I kneel before him, just inside the front door. He stands over me and swifly beats out a load. A minute later he is coating my face in thick cum ropes. He ignores the accompanying orgasm as this is not sex, it is purporting to another function. I am being marked for my safety and protection. When he is finished he rubs it into my skin, coating every inch of my face. I catch myself in the mirror. My face glistens.

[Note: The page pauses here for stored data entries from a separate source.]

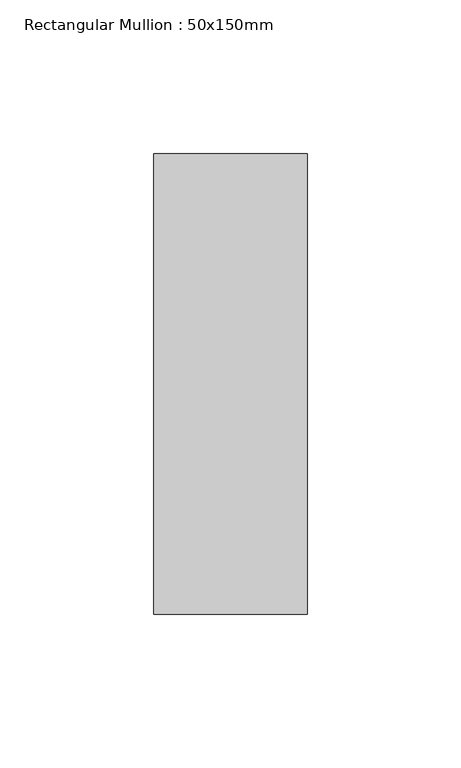
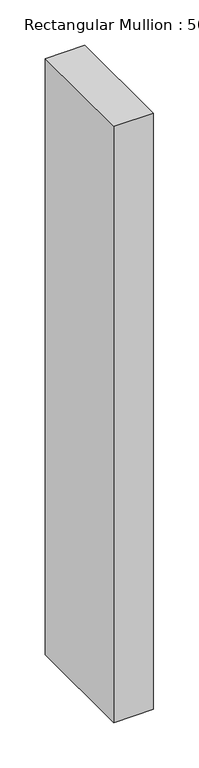
"""IFC4 building model written with IfcOpenShell, lengths in millimetres: member geometry, Rectangular Mullion : 50x150mm."""

from ifc_helpers import new_model, si_unit, frame, origin, place, context, project, spatial, polyline, outline, extrude, source, transform, mapped, element, save


def rectangular_mullion_50x150mm_14f10ac7(model_context):
    return source(origin(), model_context, "Body", "SweptSolid", [
        extrude(outline(polyline([(25.0, 75.0), (25.0, -75.0), (-25.0, -75.0), (-25.0, 75.0), (25.0, 75.0)])), frame((0.0, 0.0, -800.0), z_axis=(0.0, 0.0, 1.0), x_axis=(1.0, 0.0, 0.0)), (0.0, 0.0, 1.0), 800.0),
    ])


if __name__ == "__main__":
    model = new_model("IFC4")
    model_context = context("Model", 3, world=origin())
    ifc_project = project(units=[si_unit("LENGTHUNIT", "METRE", prefix="MILLI")], contexts=[model_context])
    site = spatial("IfcSite", under=ifc_project)
    building = spatial("IfcBuilding", under=site)
    placement = place(None, origin())
    rectangular_mullion_50x150mm_shape = rectangular_mullion_50x150mm_14f10ac7(model_context)
    element("IfcMember", 1, ObjectType="Rectangular Mullion : 50x150mm", at=placement, inside=building, context=model_context, shape_type="MappedRepresentation", body=[
        mapped(rectangular_mullion_50x150mm_shape, transform((0.0, 0.0, 0.0), x_axis=(1.0, 0.0, 0.0), y_axis=(0.0, 1.0, 0.0), z_axis=(0.0, 0.0, 1.0))),
    ])
    save(model, "model.ifc")

# Revit data of these elements
# Type "Rectangular Mullion : 50x150mm"
#   Keynote = "H11"
#   built-in parameter 1007304 = 0.492126 (stored number, unit not read)
#   built-in parameter 1007301 = 0.082021 (stored number, unit not read)
#   built-in parameter 1007300 = 0.082021 (stored number, unit not read)
# Element 1 (IfcMember, "Rectangular Mullion : 50x150mm")
#   Materials on its faces: "Aluminium"
# Materials
#   "Aluminium": class "Metal", colour RGB 247 247 247, transparency 0, Description = "Aluminium 6061", Cost = 0
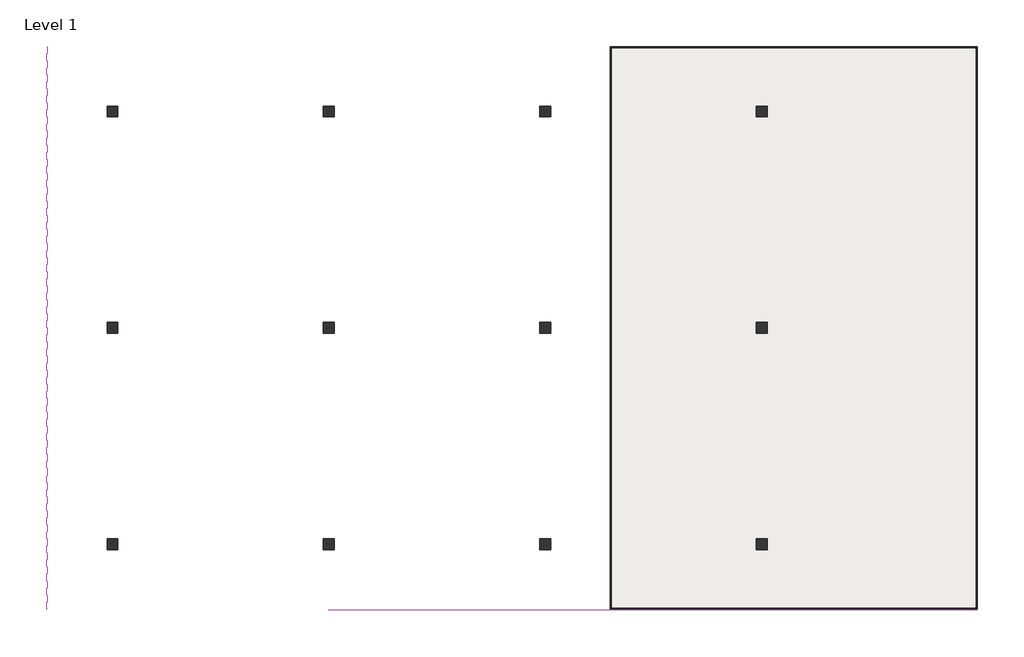
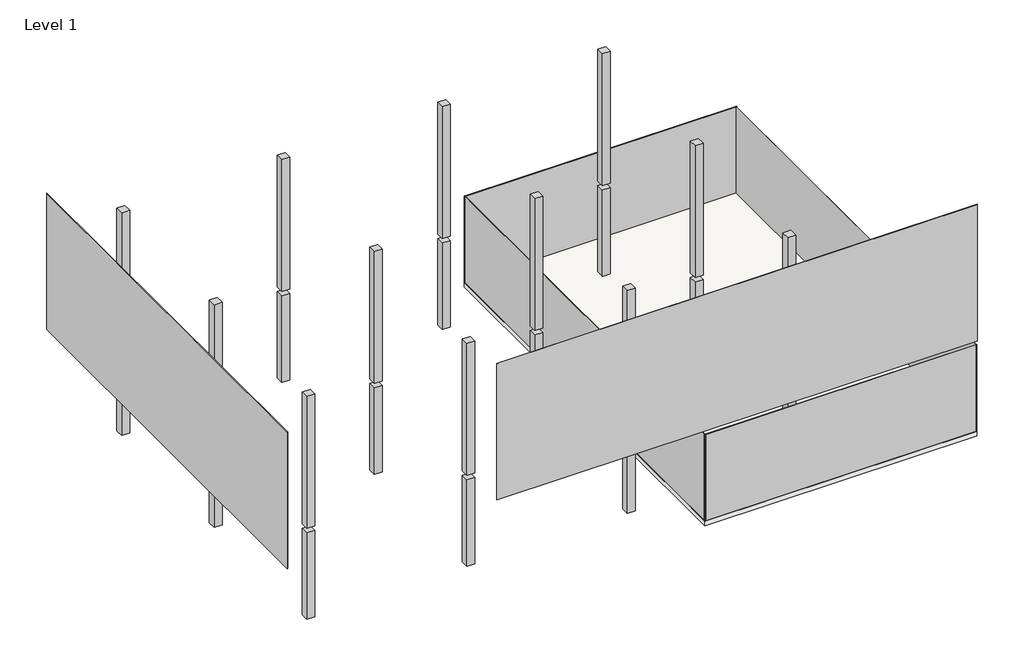
# One storey: 12 columns, 6 plates, 1 slab.
"""IFC4 building model written with IfcOpenShell, lengths in millimetres."""

import ifcopenshell
import ifcopenshell.guid

model = None  # the IFC model being written
_history = None  # IfcOwnerHistory: only IFC2X3 demands one
_inside = {}  # id of a spatial element -> (the spatial element, [elements in it])
_under = {}  # id of a project, library or spatial element -> (it, [spatial elements below it])
_declared = {}  # id of a project -> (the project, [libraries it declares])
_typed = {}  # id of a type object -> (the type object, [elements of that type])
_made_of = {}  # id of a material, layer set ... -> (it, [elements and type objects made of it])


def new_model(schema):
    """Start an empty IFC model of exactly this schema.

    Asked for "IFC4X3", IfcOpenShell would pick the latest addendum, in which some entities
    have other attributes; the version numbers below select the first issue.
    IFC2X3 requires an IfcOwnerHistory on every rooted entity: one is made here for all.
    """
    global model, _history
    if schema == "IFC4X3":
        model = ifcopenshell.file(schema_version=(4, 3, 0, 0))
    else:
        model = ifcopenshell.file(schema=schema)
    _inside.clear()
    _under.clear()
    _declared.clear()
    _typed.clear()
    _made_of.clear()
    _history = None
    if model.schema == "IFC2X3":
        org = make("IfcOrganization", Name="unknown")
        user = make(
            "IfcPersonAndOrganization",
            ThePerson=make("IfcPerson", FamilyName="unknown"),
            TheOrganization=org,
        )
        app = make(
            "IfcApplication",
            ApplicationDeveloper=org,
            Version="unknown",
            ApplicationFullName="unknown",
            ApplicationIdentifier="unknown",
        )
        _history = make(
            "IfcOwnerHistory",
            OwningUser=user,
            OwningApplication=app,
            ChangeAction="ADDED",
            CreationDate=0,
        )
    return model


def make(cls, **values):
    """One entity of the class cls with the attributes given. An attribute that is None is left unset."""
    return model.create_entity(
        cls, **{name: value for name, value in values.items() if value is not None}
    )


def rooted(cls, **values):
    """An entity with a GlobalId (a new one), such as an element, a storey or a relation."""
    return make(cls, GlobalId=ifcopenshell.guid.new(), OwnerHistory=_history, **values)


def si_unit(unit_type, name, prefix=None):
    """IfcSIUnit, for example si_unit("LENGTHUNIT", "METRE", prefix="MILLI")."""
    return make("IfcSIUnit", UnitType=unit_type, Prefix=prefix, Name=name)


def assignment(units):
    """IfcUnitAssignment: the units of a project."""
    return None if units is None else make("IfcUnitAssignment", Units=units)


def point(xyz):
    """IfcCartesianPoint."""
    return None if xyz is None else make("IfcCartesianPoint", Coordinates=xyz)


def direction(xyz):
    """IfcDirection."""
    return None if xyz is None else make("IfcDirection", DirectionRatios=xyz)


def frame(location, z_axis=None, x_axis=None):
    """IfcAxis2Placement3D, a coordinate frame: its origin and axes. An axis left out is left unset."""
    return make(
        "IfcAxis2Placement3D",
        Location=point(location),
        Axis=direction(z_axis),
        RefDirection=direction(x_axis),
    )


def origin():
    """The frame at (0, 0, 0) with its axes left unset."""
    return frame((0.0, 0.0, 0.0))


def origin_with_axes():
    """The frame at (0, 0, 0) with the z axis (0, 0, 1) and the x axis (1, 0, 0) written out."""
    return frame((0.0, 0.0, 0.0), z_axis=(0.0, 0.0, 1.0), x_axis=(1.0, 0.0, 0.0))


def place(relative_to, where):
    """IfcLocalPlacement: puts the frame where relative to a parent placement (None: the world)."""
    return make(
        "IfcLocalPlacement", PlacementRelTo=relative_to, RelativePlacement=where
    )


def context(
    kind, dimensions, precision=None, world=None, true_north=None, identifier=None
):
    """IfcGeometricRepresentationContext, for example the 3D "Model" context."""
    return make(
        "IfcGeometricRepresentationContext",
        ContextIdentifier=identifier,
        ContextType=kind,
        CoordinateSpaceDimension=dimensions,
        Precision=precision,
        WorldCoordinateSystem=world,
        TrueNorth=true_north,
    )


def project(units=None, contexts=None):
    """IfcProject with its units and contexts."""
    return rooted(
        "IfcProject",
        Name="project",
        RepresentationContexts=contexts,
        UnitsInContext=assignment(units),
    )


def spatial(cls, under=None, at=None, **own):
    """A site, building, storey or space (cls), placed at a placement, below another one or the project."""
    s = rooted(cls, ObjectPlacement=at, **own)
    if under is not None:
        _under.setdefault(under.id(), (under, []))[1].append(s)
    return s


def polyline(points):
    """IfcPolyline through the points."""
    return make("IfcPolyline", Points=[point(p) for p in points])


def outline(outer, holes=None, kind="AREA"):
    """IfcArbitraryClosedProfileDef: a profile drawn as a closed curve; with holes, ...WithVoids."""
    if holes is None:
        return make("IfcArbitraryClosedProfileDef", ProfileType=kind, OuterCurve=outer)
    return make(
        "IfcArbitraryProfileDefWithVoids",
        ProfileType=kind,
        OuterCurve=outer,
        InnerCurves=holes,
    )


def extrude(swept, where, along, depth):
    """IfcExtrudedAreaSolid: the profile swept, set in the frame where, extruded along a direction by depth."""
    return make(
        "IfcExtrudedAreaSolid",
        SweptArea=swept,
        Position=where,
        ExtrudedDirection=direction(along),
        Depth=depth,
    )


def shape(context_of_items, identifier, shape_type, items):
    """IfcShapeRepresentation: the items that make up one representation, for example the "Body"."""
    return make(
        "IfcShapeRepresentation",
        ContextOfItems=context_of_items,
        RepresentationIdentifier=identifier,
        RepresentationType=shape_type,
        Items=items,
    )


def source(mapping_origin, context_of_items, identifier, shape_type, items):
    """IfcRepresentationMap: a shape defined once, which mapped items show again and again."""
    return make(
        "IfcRepresentationMap",
        MappingOrigin=mapping_origin,
        MappedRepresentation=shape(context_of_items, identifier, shape_type, items),
    )


def transform(
    local_origin,
    x_axis=None,
    y_axis=None,
    z_axis=None,
    scale=None,
    scale2=None,
    scale3=None,
    uniform=True,
):
    """IfcCartesianTransformationOperator3D, or its non-uniform kind. x_axis, y_axis, z_axis: its Axis1, 2, 3."""
    if uniform:
        return make(
            "IfcCartesianTransformationOperator3D",
            Axis1=direction(x_axis),
            Axis2=direction(y_axis),
            LocalOrigin=point(local_origin),
            Scale=scale,
            Axis3=direction(z_axis),
        )
    return make(
        "IfcCartesianTransformationOperator3DnonUniform",
        Axis1=direction(x_axis),
        Axis2=direction(y_axis),
        LocalOrigin=point(local_origin),
        Scale=scale,
        Axis3=direction(z_axis),
        Scale2=scale2,
        Scale3=scale3,
    )


def mapped(mapping_source, mapping_target):
    """IfcMappedItem: shows the shape of a source again, moved by a transform."""
    return make(
        "IfcMappedItem", MappingSource=mapping_source, MappingTarget=mapping_target
    )


def made_of(thing, what):
    """Note that an element or type object is made of a material, layer set ...; save() writes the relation."""
    if what is not None:
        _made_of.setdefault(what.id(), (what, []))[1].append(thing)
    return thing


def element(
    cls,
    number,
    at=None,
    inside=None,
    cuts=None,
    type_object=None,
    material=None,
    context=None,
    identifier="Body",
    shape_type=None,
    held_by="IfcProductDefinitionShape",
    body=None,
    shapes=None,
    **own,
):
    """One element of the class cls, such as IfcWall. Its Tag is "e" and its number.

    at: its placement. inside: the storey or other place that contains it. cuts: it is an
    opening in that element (IfcRelVoidsElement). A single representation is given by context,
    identifier, shape_type and body (its items); several are given by shapes. held_by: the class
    of the entity that holds the representations. save() writes the other relations.
    """
    e = rooted(cls, Tag="e%d" % number, ObjectPlacement=at, **own)
    if body is not None:
        shapes = [shape(context, identifier, shape_type, body)]
    if shapes is not None:
        e.Representation = make(held_by, Representations=shapes)
    if inside is not None:
        _inside.setdefault(inside.id(), (inside, []))[1].append(e)
    if cuts is not None:
        rooted(
            "IfcRelVoidsElement", RelatingBuildingElement=cuts, RelatedOpeningElement=e
        )
    if type_object is not None:
        _typed.setdefault(type_object.id(), (type_object, []))[1].append(e)
    return made_of(e, material)


def aggregate(whole, parts):
    """IfcRelAggregates: a whole, such as a stair, and the parts it consists of."""
    return rooted("IfcRelAggregates", RelatingObject=whole, RelatedObjects=parts)


def save(model, path):
    """Write the relations noted so far, then the file.

    IfcRelAggregates (storeys below a building ...), IfcRelContainedInSpatialStructure (elements
    in a storey), IfcRelDefinesByType, IfcRelAssociatesMaterial and IfcRelDeclares: one each for
    every whole, place, type object, material and project.
    """
    for whole, parts in _under.values():
        aggregate(whole, parts)
    for where, things in _inside.values():
        rooted(
            "IfcRelContainedInSpatialStructure",
            RelatedElements=things,
            RelatingStructure=where,
        )
    for kind, things in _typed.values():
        rooted("IfcRelDefinesByType", RelatedObjects=things, RelatingType=kind)
    for what, things in _made_of.values():
        rooted("IfcRelAssociatesMaterial", RelatedObjects=things, RelatingMaterial=what)
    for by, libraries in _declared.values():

"Ok baby boy, you can go."
And I have to say, walking around Sainsbury’s, my pussy gaping under my shorts and my face branded - molded and modelled by him - I feel so loved and I beam with pride. I do not waste a single minute. I am desperate to get home to him.
To anyone troubled at my renouncement of my cock: I have as many orgasms as he gives me. Over half the times we make love I will climax, my ejaculate obviously still comes from the front but that is not where the sensation of the orgasm resides anymore, it is merely the pipe through which the fluid passes. My pussy spasms repeatedly, my whole body tenses up as if I was having a seizure, my skin is covered in fire, every other sense - even sight - is temporarily eclipsed and for that moment I become pure sensation, writhing in agony underneath him, at his mercy. It wrings his climax from him and my insides flood, his ejaculate - twenty times that of my own - filling me, entering my blood stream, nourishing me down to the very cells which now crave it like they crave water. He collapses on top of me and his weight pins me in place, I can do nothing but lay under him, the last thing I feel as I lose consciousness is his member slippng out of my loose hole, flooded as it is, skating across my soaked buttocks and resting between my open legs. We sleep for twenty minutes or so, utterly spent.
Does it still trouble you now?
We return to London and resume our lives. The cock cage comes off - the reality is that I might not see him for over a week now. The memory of the holiday is fresh and we each feel invigorated.
And, of course, one day it will become permanent.